• [Problem to work on]:
Only the lines below starting at the one that contains "# Site, building, storey" and ending at the one that contains "0.0), z_axis=(0.0, 0.0, 1.0), x_axis=(1.0, 0.0, 0.0)))" are to be reproduced, exactly and with both ends kept.

[Data records]
---
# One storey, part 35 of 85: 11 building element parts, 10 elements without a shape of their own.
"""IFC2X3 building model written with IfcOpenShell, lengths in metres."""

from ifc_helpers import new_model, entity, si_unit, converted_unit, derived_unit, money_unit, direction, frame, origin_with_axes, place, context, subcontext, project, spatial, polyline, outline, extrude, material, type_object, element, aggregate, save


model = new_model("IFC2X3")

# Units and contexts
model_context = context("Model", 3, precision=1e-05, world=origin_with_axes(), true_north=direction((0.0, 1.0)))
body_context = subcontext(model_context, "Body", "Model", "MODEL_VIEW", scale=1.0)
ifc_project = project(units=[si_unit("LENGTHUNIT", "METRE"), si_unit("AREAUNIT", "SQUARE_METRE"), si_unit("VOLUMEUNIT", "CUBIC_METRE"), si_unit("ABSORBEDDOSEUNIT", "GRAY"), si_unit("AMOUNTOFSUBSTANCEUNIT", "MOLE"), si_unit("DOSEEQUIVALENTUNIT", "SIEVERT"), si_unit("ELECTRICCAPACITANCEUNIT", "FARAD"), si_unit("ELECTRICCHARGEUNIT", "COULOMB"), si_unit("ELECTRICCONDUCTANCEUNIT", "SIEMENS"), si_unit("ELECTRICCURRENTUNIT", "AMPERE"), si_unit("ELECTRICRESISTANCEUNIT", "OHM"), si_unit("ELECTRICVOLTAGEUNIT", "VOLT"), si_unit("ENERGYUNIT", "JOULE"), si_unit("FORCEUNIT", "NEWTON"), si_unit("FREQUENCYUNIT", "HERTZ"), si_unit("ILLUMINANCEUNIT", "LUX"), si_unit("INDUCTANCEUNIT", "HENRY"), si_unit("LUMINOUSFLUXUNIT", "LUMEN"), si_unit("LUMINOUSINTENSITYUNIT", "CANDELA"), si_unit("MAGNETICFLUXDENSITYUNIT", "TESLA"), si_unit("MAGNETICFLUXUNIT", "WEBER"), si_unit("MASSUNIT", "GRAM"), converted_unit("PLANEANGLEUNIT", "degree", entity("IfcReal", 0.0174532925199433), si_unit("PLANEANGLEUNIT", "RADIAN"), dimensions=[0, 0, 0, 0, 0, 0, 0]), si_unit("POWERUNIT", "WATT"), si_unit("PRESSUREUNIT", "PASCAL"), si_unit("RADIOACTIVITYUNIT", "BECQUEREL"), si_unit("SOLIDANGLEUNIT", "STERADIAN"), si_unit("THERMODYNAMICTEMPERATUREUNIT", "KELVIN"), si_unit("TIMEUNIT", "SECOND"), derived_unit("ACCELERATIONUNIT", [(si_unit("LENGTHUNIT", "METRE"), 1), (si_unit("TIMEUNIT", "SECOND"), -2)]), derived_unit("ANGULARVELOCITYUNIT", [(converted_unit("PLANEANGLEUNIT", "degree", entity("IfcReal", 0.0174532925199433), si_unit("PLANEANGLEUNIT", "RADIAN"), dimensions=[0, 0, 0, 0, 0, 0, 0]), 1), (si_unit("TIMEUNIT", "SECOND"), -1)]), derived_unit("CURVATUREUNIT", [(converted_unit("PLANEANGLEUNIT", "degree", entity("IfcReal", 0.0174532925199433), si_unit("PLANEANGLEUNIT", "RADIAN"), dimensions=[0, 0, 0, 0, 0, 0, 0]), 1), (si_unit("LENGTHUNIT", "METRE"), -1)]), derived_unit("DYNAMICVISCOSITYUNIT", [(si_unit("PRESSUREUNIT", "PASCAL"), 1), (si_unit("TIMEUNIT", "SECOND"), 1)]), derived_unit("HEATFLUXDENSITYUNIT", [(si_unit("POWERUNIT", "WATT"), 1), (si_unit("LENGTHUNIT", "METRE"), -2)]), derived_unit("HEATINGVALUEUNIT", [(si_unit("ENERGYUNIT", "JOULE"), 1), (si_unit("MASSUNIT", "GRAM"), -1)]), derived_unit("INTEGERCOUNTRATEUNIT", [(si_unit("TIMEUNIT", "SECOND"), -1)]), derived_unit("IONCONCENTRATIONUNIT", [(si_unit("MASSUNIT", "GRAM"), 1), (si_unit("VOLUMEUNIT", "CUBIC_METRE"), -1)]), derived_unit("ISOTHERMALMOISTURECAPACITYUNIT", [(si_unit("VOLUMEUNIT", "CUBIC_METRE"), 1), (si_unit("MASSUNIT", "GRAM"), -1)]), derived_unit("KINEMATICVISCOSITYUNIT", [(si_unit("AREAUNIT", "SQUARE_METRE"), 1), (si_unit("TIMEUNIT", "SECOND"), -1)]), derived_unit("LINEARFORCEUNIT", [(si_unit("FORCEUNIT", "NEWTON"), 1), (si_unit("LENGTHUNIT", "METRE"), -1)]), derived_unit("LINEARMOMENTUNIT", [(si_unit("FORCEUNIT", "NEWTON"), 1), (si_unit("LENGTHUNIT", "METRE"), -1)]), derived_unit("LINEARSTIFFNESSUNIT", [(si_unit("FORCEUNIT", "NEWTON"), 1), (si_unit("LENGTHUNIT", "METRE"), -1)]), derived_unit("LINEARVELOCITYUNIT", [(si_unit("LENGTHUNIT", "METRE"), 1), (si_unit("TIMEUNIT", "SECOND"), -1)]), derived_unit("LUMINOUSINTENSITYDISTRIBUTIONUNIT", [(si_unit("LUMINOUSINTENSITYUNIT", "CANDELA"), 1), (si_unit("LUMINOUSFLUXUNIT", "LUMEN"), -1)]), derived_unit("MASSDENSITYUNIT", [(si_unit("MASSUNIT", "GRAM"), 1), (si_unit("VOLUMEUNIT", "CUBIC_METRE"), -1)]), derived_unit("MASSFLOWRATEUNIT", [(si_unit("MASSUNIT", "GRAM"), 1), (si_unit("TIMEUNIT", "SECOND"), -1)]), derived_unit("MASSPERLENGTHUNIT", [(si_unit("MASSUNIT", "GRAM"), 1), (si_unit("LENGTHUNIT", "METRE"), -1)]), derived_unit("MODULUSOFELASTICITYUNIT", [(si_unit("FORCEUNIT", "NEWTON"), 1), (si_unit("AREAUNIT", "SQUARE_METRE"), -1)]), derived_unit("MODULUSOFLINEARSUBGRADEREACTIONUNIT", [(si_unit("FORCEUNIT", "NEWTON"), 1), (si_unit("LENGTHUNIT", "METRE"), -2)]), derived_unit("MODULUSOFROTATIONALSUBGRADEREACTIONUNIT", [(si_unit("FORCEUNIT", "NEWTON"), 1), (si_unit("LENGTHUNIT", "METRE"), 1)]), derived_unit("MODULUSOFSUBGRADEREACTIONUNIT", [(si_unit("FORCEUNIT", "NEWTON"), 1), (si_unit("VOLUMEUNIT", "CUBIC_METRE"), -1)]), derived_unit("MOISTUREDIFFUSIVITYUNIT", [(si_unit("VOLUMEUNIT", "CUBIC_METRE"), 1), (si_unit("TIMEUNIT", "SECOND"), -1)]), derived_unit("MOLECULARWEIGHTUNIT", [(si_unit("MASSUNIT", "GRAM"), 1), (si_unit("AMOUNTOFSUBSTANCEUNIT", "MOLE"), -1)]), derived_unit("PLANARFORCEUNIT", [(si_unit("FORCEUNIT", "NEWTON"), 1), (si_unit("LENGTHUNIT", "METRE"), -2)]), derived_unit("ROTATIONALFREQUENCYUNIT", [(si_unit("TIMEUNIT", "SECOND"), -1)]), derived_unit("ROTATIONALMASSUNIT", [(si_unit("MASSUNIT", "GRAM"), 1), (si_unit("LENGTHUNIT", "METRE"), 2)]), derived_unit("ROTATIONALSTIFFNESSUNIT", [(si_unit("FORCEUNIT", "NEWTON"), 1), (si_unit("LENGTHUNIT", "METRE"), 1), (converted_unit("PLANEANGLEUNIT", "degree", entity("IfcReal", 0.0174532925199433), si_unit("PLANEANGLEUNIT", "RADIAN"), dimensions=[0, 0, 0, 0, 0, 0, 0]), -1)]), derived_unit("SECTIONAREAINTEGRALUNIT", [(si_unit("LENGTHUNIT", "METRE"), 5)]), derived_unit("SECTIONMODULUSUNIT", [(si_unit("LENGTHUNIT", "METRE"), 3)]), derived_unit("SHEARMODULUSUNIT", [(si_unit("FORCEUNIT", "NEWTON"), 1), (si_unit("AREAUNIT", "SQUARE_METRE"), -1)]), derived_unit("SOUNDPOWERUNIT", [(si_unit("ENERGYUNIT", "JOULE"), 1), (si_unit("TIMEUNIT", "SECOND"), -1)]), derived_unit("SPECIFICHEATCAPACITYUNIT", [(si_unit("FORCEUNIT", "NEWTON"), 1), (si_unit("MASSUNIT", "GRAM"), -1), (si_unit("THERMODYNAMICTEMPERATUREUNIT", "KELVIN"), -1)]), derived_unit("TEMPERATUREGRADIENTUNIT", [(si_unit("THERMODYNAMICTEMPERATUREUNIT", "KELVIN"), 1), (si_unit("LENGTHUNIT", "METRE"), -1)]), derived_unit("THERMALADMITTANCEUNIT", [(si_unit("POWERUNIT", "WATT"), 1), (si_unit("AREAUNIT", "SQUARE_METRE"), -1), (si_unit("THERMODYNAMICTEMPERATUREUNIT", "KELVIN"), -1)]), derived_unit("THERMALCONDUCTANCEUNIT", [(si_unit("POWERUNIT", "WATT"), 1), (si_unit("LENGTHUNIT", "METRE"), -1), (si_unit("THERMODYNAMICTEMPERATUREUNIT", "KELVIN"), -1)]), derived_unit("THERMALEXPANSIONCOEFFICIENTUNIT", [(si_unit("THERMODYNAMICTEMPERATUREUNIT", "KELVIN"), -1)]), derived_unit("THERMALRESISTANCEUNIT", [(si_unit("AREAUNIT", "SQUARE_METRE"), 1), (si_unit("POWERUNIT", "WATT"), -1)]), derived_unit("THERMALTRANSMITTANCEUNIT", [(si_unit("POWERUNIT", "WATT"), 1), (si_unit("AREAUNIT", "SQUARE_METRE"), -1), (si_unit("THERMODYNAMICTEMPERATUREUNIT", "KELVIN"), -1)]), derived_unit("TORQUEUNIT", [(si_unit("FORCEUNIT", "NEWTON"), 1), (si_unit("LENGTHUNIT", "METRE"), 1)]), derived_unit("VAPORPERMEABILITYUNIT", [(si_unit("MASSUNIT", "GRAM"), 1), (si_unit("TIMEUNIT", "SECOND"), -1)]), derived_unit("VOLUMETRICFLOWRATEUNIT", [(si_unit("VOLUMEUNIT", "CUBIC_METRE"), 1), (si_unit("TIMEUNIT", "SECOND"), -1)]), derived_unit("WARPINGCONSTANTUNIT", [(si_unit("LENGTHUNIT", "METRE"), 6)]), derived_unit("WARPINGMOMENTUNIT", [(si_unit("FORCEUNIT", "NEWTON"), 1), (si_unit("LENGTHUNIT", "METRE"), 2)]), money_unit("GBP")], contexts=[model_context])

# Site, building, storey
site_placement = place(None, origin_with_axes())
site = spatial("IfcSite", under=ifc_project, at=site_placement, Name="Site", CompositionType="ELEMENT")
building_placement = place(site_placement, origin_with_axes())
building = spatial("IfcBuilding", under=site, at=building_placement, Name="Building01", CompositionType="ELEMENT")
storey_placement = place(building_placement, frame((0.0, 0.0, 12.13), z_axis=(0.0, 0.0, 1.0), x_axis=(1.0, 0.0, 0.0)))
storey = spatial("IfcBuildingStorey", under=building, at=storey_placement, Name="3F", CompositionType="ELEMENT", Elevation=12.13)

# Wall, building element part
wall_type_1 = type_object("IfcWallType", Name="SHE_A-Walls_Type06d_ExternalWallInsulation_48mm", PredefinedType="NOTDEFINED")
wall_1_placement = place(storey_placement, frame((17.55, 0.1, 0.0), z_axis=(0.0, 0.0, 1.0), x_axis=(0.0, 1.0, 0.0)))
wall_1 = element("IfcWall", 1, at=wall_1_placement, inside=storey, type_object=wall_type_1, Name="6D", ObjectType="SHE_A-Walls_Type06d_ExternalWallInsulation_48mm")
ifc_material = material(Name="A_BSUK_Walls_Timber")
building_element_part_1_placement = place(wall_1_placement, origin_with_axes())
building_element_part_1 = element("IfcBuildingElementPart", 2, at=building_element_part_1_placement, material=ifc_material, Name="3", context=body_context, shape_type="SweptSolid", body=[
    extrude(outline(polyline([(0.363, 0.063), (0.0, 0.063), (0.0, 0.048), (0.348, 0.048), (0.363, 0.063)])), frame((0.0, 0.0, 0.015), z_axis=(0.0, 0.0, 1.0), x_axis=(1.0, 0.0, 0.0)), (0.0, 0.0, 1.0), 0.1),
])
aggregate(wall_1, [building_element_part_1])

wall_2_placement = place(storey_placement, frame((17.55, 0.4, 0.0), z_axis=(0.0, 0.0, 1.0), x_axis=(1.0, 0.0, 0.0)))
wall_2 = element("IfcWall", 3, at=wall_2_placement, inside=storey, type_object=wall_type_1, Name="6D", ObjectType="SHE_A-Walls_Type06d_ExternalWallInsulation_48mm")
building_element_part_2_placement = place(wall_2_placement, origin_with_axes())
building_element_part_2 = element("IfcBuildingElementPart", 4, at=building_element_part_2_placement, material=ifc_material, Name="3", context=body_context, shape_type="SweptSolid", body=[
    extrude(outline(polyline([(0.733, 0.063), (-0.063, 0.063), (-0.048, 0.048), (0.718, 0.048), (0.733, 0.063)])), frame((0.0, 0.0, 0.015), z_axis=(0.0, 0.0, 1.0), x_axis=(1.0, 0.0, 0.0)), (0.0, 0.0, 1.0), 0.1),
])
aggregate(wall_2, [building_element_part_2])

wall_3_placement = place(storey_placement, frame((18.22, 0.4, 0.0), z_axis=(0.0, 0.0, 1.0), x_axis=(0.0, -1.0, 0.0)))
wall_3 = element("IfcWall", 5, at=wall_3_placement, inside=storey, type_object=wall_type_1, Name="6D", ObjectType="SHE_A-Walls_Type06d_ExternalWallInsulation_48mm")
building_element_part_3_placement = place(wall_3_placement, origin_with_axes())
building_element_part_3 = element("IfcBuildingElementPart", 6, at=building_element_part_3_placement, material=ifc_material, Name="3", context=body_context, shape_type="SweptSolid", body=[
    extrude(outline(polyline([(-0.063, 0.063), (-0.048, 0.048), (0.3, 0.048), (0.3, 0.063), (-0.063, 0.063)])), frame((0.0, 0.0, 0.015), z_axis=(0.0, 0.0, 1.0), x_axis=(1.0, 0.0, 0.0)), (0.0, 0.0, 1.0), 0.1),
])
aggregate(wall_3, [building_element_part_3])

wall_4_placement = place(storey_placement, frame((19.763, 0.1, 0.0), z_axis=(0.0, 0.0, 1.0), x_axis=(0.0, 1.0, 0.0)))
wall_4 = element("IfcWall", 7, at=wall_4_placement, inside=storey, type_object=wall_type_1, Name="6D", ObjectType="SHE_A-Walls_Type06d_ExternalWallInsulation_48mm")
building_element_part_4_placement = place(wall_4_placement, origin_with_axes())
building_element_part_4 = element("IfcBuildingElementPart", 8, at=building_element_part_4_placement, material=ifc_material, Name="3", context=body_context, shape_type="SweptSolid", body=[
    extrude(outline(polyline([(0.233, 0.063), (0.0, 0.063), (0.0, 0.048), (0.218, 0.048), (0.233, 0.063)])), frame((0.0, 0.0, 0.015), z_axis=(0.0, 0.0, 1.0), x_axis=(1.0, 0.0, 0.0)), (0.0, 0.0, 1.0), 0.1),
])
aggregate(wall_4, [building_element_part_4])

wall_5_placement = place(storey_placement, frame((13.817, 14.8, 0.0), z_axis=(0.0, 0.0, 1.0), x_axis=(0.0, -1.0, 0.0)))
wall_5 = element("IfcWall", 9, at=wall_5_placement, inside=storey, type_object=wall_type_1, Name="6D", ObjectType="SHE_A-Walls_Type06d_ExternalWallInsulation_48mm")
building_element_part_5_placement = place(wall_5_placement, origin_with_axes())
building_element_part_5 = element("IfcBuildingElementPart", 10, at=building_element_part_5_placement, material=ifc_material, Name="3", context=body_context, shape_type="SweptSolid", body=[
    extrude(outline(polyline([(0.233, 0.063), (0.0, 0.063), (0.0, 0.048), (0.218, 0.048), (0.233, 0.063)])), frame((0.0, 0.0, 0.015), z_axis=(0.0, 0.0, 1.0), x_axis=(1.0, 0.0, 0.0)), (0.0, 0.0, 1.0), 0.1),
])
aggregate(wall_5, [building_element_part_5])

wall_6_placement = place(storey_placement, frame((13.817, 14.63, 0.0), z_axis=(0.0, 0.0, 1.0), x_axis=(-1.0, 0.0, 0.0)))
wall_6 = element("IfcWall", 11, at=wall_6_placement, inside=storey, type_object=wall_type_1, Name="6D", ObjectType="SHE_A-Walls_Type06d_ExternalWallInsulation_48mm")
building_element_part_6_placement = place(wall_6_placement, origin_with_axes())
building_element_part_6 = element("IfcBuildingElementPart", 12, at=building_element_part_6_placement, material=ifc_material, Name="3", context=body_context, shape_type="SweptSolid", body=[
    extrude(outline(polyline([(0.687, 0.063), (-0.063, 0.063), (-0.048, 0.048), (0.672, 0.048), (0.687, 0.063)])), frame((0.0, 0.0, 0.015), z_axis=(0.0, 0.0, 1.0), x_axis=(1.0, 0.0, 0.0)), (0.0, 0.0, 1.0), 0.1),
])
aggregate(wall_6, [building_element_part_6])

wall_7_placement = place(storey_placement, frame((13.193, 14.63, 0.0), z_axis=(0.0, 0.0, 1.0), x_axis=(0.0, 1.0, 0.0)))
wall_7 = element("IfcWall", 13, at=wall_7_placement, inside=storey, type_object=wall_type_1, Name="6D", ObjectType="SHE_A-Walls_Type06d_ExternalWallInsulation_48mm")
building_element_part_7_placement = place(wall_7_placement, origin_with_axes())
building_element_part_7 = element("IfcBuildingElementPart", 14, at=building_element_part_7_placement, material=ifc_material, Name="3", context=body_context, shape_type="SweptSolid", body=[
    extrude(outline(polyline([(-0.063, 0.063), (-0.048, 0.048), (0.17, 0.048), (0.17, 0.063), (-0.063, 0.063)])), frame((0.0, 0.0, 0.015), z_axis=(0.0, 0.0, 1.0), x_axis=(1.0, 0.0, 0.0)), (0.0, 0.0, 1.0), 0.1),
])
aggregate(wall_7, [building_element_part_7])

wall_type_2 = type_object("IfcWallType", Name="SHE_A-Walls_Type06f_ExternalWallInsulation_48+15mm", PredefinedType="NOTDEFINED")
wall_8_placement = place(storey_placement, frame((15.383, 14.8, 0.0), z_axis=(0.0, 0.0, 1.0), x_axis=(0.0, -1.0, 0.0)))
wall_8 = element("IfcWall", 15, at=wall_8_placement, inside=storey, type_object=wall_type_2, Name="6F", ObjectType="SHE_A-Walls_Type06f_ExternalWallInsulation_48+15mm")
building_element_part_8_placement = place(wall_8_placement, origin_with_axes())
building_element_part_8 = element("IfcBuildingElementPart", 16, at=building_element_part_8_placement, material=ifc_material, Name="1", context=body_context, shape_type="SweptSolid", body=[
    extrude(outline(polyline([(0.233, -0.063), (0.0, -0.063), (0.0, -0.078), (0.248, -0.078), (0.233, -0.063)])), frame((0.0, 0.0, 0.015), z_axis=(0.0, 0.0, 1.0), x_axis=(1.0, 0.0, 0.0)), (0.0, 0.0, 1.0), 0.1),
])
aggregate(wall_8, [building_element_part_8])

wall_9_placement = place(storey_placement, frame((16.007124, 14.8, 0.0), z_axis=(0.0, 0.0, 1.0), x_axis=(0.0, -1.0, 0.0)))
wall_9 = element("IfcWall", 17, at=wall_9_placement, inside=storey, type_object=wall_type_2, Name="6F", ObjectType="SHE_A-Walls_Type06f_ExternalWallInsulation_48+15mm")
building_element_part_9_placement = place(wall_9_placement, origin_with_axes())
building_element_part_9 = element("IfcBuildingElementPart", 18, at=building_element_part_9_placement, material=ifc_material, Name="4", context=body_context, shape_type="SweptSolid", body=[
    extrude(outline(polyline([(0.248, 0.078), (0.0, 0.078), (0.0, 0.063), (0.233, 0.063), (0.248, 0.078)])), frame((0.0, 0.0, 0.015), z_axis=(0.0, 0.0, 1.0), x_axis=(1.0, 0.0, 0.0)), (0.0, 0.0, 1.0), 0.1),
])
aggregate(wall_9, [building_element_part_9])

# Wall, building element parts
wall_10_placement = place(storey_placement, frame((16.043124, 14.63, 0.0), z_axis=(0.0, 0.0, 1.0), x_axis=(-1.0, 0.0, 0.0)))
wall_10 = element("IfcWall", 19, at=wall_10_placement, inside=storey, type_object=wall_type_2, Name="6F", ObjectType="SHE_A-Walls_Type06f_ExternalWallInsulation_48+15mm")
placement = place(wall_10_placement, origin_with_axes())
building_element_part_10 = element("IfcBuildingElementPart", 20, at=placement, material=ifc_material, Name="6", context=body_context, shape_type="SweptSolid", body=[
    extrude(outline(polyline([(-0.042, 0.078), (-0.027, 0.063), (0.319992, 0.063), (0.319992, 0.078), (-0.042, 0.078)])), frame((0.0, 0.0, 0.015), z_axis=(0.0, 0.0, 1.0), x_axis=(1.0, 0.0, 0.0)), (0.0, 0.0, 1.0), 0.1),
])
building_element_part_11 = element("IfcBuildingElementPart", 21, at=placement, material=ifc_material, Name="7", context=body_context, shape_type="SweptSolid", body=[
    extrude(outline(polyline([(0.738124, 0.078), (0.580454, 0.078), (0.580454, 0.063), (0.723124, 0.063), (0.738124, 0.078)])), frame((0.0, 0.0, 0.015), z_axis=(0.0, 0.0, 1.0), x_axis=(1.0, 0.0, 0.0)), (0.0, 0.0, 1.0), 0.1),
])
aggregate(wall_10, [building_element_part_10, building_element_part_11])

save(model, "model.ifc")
---
• [Task output]:
# Site, building, storey
site_placement = place(None, origin_with_axes())
site = spatial("IfcSite", under=ifc_project, at=site_placement, Name="Site", CompositionType="ELEMENT")
building_placement = place(site_placement, origin_with_axes())
building = spatial("IfcBuilding", under=site, at=building_placement, Name="Building01", CompositionType="ELEMENT")
storey_placement = place(building_placement, frame((0.0, 0.0, 12.13), z_axis=(0.0, 0.0, 1.0), x_axis=(1.0, 0.0, 0.0)))
storey = spatial("IfcBuildingStorey", under=building, at=storey_placement, Name="3F", CompositionType="ELEMENT", Elevation=12.13)

# Wall, building element part
wall_type_1 = type_object("IfcWallType", Name="SHE_A-Walls_Type06d_ExternalWallInsulation_48mm", PredefinedType="NOTDEFINED")
wall_1_placement = place(storey_placement, frame((17.55, 0.1, 0.0), z_axis=(0.0, 0.0, 1.0), x_axis=(0.0, 1.0, 0.0)))
wall_1 = element("IfcWall", 1, at=wall_1_placement, inside=storey, type_object=wall_type_1, Name="6D", ObjectType="SHE_A-Walls_Type06d_ExternalWallInsulation_48mm")
ifc_material = material(Name="A_BSUK_Walls_Timber")
building_element_part_1_placement = place(wall_1_placement, origin_with_axes())
building_element_part_1 = element("IfcBuildingElementPart", 2, at=building_element_part_1_placement, material=ifc_material, Name="3", context=body_context, shape_type="SweptSolid", body=[
    extrude(outline(polyline([(0.363, 0.063), (0.0, 0.063), (0.0, 0.048), (0.348, 0.048), (0.363, 0.063)])), frame((0.0, 0.0, 0.015), z_axis=(0.0, 0.0, 1.0), x_axis=(1.0, 0.0, 0.0)), (0.0, 0.0, 1.0), 0.1),
])
aggregate(wall_1, [building_element_part_1])

wall_2_placement = place(storey_placement, frame((17.55, 0.4, 0.0), z_axis=(0.0, 0.0, 1.0), x_axis=(1.0, 0.0, 0.0)))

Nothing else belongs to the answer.